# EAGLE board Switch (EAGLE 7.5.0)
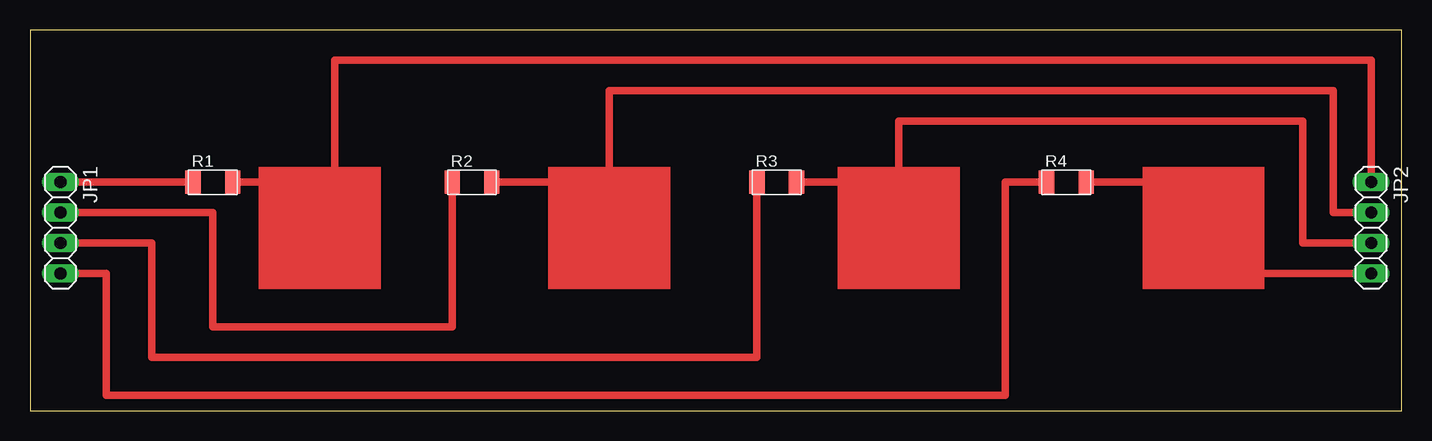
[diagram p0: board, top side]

Size 114.3 x 31.75 mm. Coordinates in mm from the lower left corner, seen from the top.
Outline: 0,0 114.3,0 114.3,31.75 0,31.75 0,0
Copper layers (1*16): Top 0.035mm / dielectric 1.5mm / Bottom 0.035mm
Design rules "default": minimum track width 10mil, minimum drill 24mil, track to track 8mil, track to pad 8mil, pad to pad 8mil, via to via 8mil, smd to smd 8mil, copper to edge 40mil, drill to drill 8mil, minimum pad ring 10mil, minimum via ring 8mil, stop-mask expansion 4mil, vias tented up to drill 0mil, thermal gap 10mil

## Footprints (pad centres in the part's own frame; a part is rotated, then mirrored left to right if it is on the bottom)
1X04 = drill 1.016 long: 1 -3.81,0; 2 -1.27,0; 3 1.27,0; 4 3.81,0
R1206FAB = smd 1.27 x 1.905: 1 -1.651,0; 2 1.651,0

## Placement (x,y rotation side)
JP1  [1X04]  2.54,15.24 270 top
JP2  [1X04]  111.76,15.24 270 top
R1  [R1206FAB]  15.24,19.05 0 top
R2  [R1206FAB]  36.83,19.05 0 top
R3  [R1206FAB]  62.23,19.05 0 top
R4  [R1206FAB]  86.36,19.05 0 top

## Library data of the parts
JP1 JP2 = pinhead
R1-R4 = fab

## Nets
N$1: JP1.1 R1.1
N$3: JP1.2 R2.1
N$4: JP2.2 R2.2
N$5: JP1.3 R3.1
N$6: JP2.3 R3.2
N$7: JP1.4 R4.1
N$8: JP2.4 R4.2
N$9: JP2.1 R1.2

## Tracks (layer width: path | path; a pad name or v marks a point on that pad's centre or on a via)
N$1
  Top 0.61: JP1.1 R1.1
N$3
  Top 0.61: JP1.2 15.24,16.51 15.24,6.99 35.18,6.99 R2.1
N$4
  Top 0.61: R2.2 48.26,19.05 48.26,26.67 108.58,26.67 108.58,16.51 JP2.2
N$5
  Top 0.61: JP1.3 10.16,13.97 10.16,4.45 60.58,4.45 R3.1
N$6
  Top 0.61: R3.2 72.39,19.05 72.39,24.13 106.05,24.13 106.05,13.97 JP2.3
N$7
  Top 0.61: JP1.4 6.35,11.43 6.35,1.27 81.28,1.27 81.28,19.05 R4.1
N$8
  Top 0.406: 99.06,19.05 99.06,11.43
  Top 0.61: R4.2 99.06,19.05 | 99.06,11.43 JP2.4
N$9
  Top 0.61: R1.2 25.4,19.05 25.4,29.21 111.76,29.21 JP2.1
(copper drawn outside any net)
  shapes: Top area x4
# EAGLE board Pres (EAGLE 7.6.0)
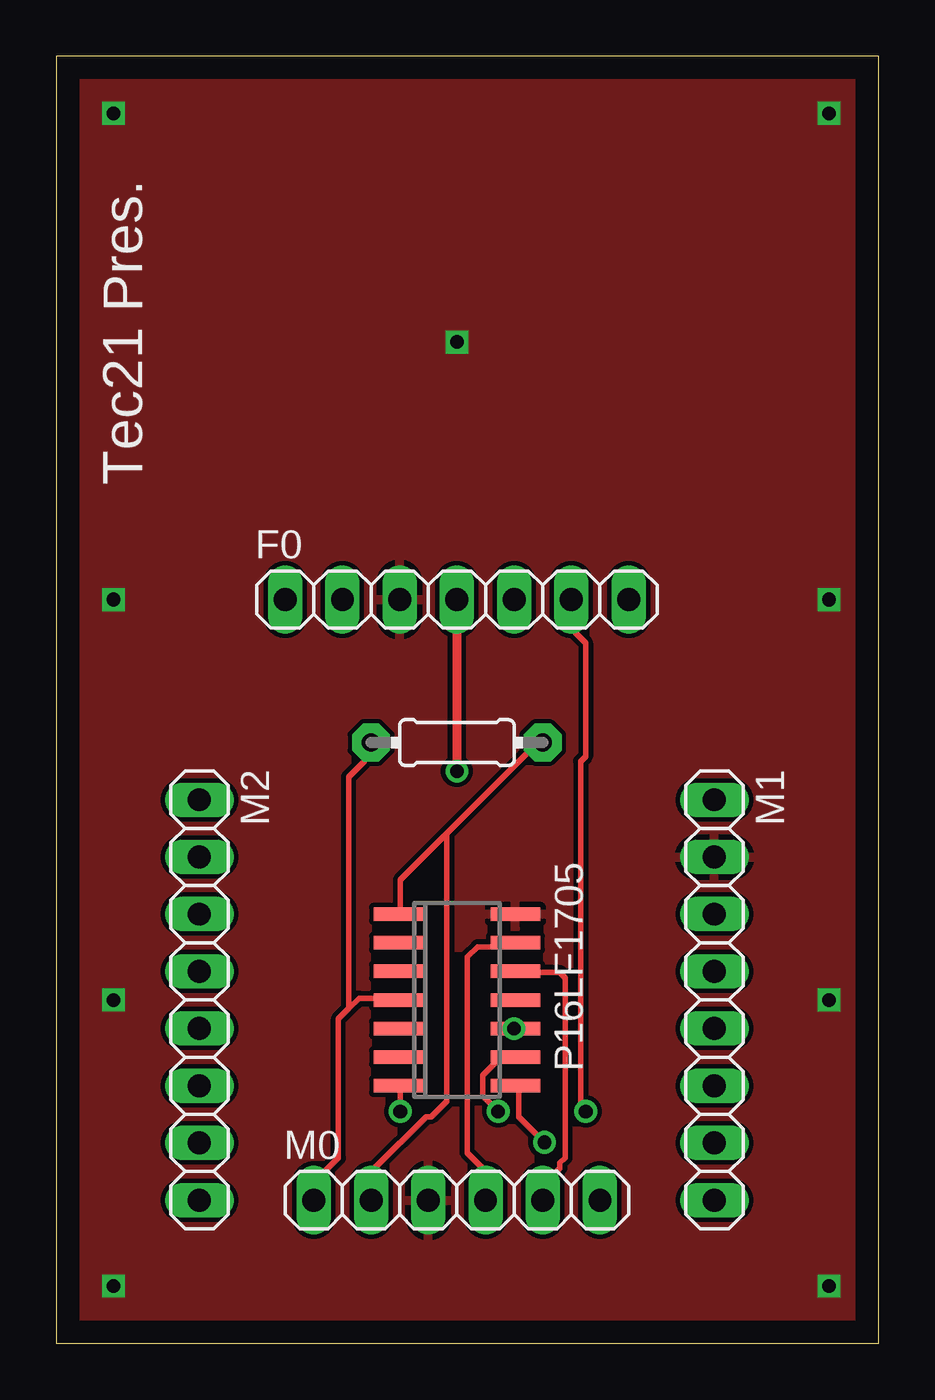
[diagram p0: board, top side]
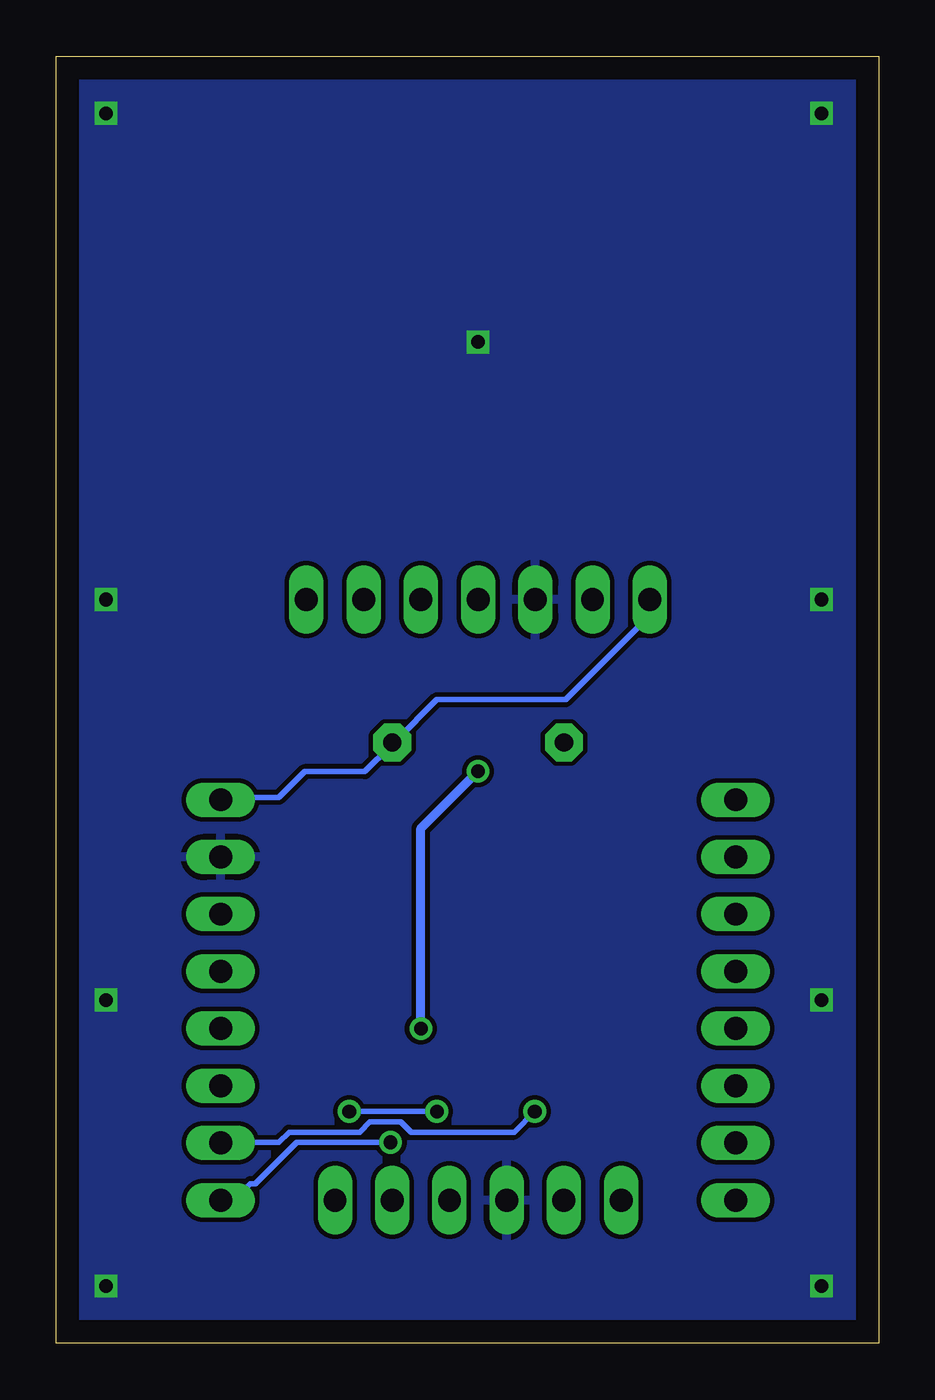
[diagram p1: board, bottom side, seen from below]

Size 36.5 x 57.14 mm. Coordinates in mm from the lower left corner, seen from the top.
Outline: 0,0 36.5,0 36.5,57.14 0,57.14 0,0
Copper layers (1*16): Top 0.035mm / dielectric 1.5mm / Bottom 0.035mm
Design rules "default": minimum track width 10mil, minimum drill 24mil, track to track 8mil, track to pad 8mil, pad to pad 8mil, via to via 8mil, smd to smd 8mil, copper to edge 40mil, drill to drill 8mil, minimum pad ring 10mil, minimum via ring 8mil, stop-mask expansion 4mil, vias tented up to drill 0mil, thermal gap 10mil

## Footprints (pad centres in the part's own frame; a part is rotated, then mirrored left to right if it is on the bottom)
0204/7 = drill 0.813 pad 1.676 octagon: 1 -3.81,0; 2 3.81,0
1X07 = drill 1.016 long: 1 -7.62,0; 2 -5.08,0; 3 -2.54,0; 4 0,0; 5 2.54,0; 6 5.08,0; 7 7.62,0
1X06 = drill 1.016 long: 1 -6.35,0; 2 -3.81,0; 3 -1.27,0; 4 1.27,0; 5 3.81,0; 6 6.35,0
1X08 = drill 1.016 long: 1 -8.89,0; 2 -6.35,0; 3 -3.81,0; 4 -1.27,0; 5 1.27,0; 6 3.81,0; 7 6.35,0; 8 8.89,0
SO-14 = smd 0.6 x 2.2: 1 -3.81,-2.6; 2 -2.54,-2.6; 3 -1.27,-2.6; 4 0,-2.6; 5 1.27,-2.6; 6 2.54,-2.6; 7 3.81,-2.6; 8 3.81,2.6; 9 2.54,2.6; 10 1.27,2.6; 11 0,2.6; 12 -1.27,2.6; 13 -2.54,2.6; 14 -3.81,2.6

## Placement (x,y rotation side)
10K  10k  [0204/7]  17.78,26.67 0 top
F0  [1X07]  17.78,33.02 0 top
M0  [1X06]  17.78,6.35 0 top
M1  [1X08]  29.21,15.24 270 top
M2  [1X08]  6.35,15.24 270 top
P16LF1705  PIC16F676SL  [SO-14]  17.78,15.24 270 top

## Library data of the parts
10K = adafruit
F0 M0 M1 M2 = pinhead
P16LF1705 = microchip; MF: MICROCHIP; MPN: PIC16F676-I/SL; OC_FARNELL: 9760520; OC_NEWARK: 92C4557

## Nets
CCL: M1.7 P16LF1705.7
CDA: M1.8 P16LF1705.8
GND: F0.3 M0.3 M1.2 P16LF1705.14
LCL: F0.6 P16LF1705.9
LDA: F0.4 P16LF1705.10
MCLR: 10K.1 M0.1 P16LF1705.4
N$8: F0.2
PGC: M0.5 P16LF1705.12
PGD: M0.4 P16LF1705.13
VDD: 10K.2 F0.1 M0.2 M1.1 P16LF1705.1

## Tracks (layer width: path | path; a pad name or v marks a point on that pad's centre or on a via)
CCL  (via drill 0.61)
  Top 0.254: v15.26,10.29 15.26,11.43 P16LF1705.7
  Bottom 0.254: v15.26,10.29 16.18,9.37 20.75,9.37 21.21,9.83 22.58,9.83 23.04,9.37 26.16,9.37 26.62,8.91 27.76,8.91 M1.7
CDA  (via drill 0.61)
  Top 0.254: v21.67,8.91 20.52,10.06 20.52,11.43 P16LF1705.8
  Bottom 0.254: v21.67,8.91 25.83,8.91 27.66,7.09 27.89,7.09 28.58,6.4 29.03,6.4 M1.8
GND  (via drill 0.6)
  other vias: 2.54,54.61 34.29,54.61 34.29,33.02 2.54,33.02 17.78,44.45 2.54,15.24 34.29,15.24 2.54,2.54 34.29,2.54
  pour Top: -1.27,58.42 38.1,58.42 38.1,-1.27 -1.27,-1.27
  pour Bottom: -1.27,58.42 38.1,58.42 38.1,-1.27 -1.27,-1.27
LCL  (via drill 0.61)
  Top 0.254: v19.61,10.29 18.92,10.97 18.92,11.89 19.61,12.57 20.3,12.57 P16LF1705.9 | v23.49,10.29 23.27,10.52 23.27,25.83 23.49,26.06 23.49,31.09 23.04,31.55 23.04,32.92 F0.6
  Bottom 0.254: v23.49,10.29 v19.61,10.29
LDA  (via drill 0.6)
  Top 0.254: P16LF1705.10 20.52,13.95 v20.32,13.97
  Top 0.406: F0.4 v17.78,25.4
  Bottom 0.406: v20.32,13.97 20.32,22.86 v17.78,25.4
MCLR
  Top 0.254: 12.98,14.86 12.52,14.4 12.52,8.23 11.61,7.32 11.61,6.4 M0.1 | 12.98,14.86 13.44,15.32 15.04,15.32 P16LF1705.4 | 12.98,14.86 12.98,25.15 13.67,25.83 13.67,26.29 13.89,26.52 10K.1
PGC
  Top 0.254: P16LF1705.12 20.52,16.46 22.35,16.46 22.58,16.23 22.58,8.23 22.35,8 22.35,7.77 21.67,7.09 21.67,6.4 M0.5
PGD
  Top 0.254: P16LF1705.13 20.3,17.6 18.69,17.6 18.24,17.14 18.24,8.46 19.15,7.54 19.15,6.4 M0.4
VDD
  Top 0.254: 17.32,22.63 21.44,26.75 10K.2 | 17.32,22.63 15.26,20.57 15.26,19.2 P16LF1705.1 | 17.32,22.63 17.32,10.74 16.64,10.06 16.41,10.06 14.12,7.77 14.12,6.4 M0.2
  Bottom 0.254: F0.1 10.24,32.92 10.69,32.46 10.69,31.77 13.89,28.57 19.61,28.57 21.44,26.75 10K.2 21.67,26.52 22.81,25.38 25.48,25.38 26.62,24.23 27.76,24.23 M1.1

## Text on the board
tPlace: Tec21 Pres.
· · · ·
A single number is the whole answer here: the number of lines in the data containing "seen".

**EXPECTED ANSWER**
3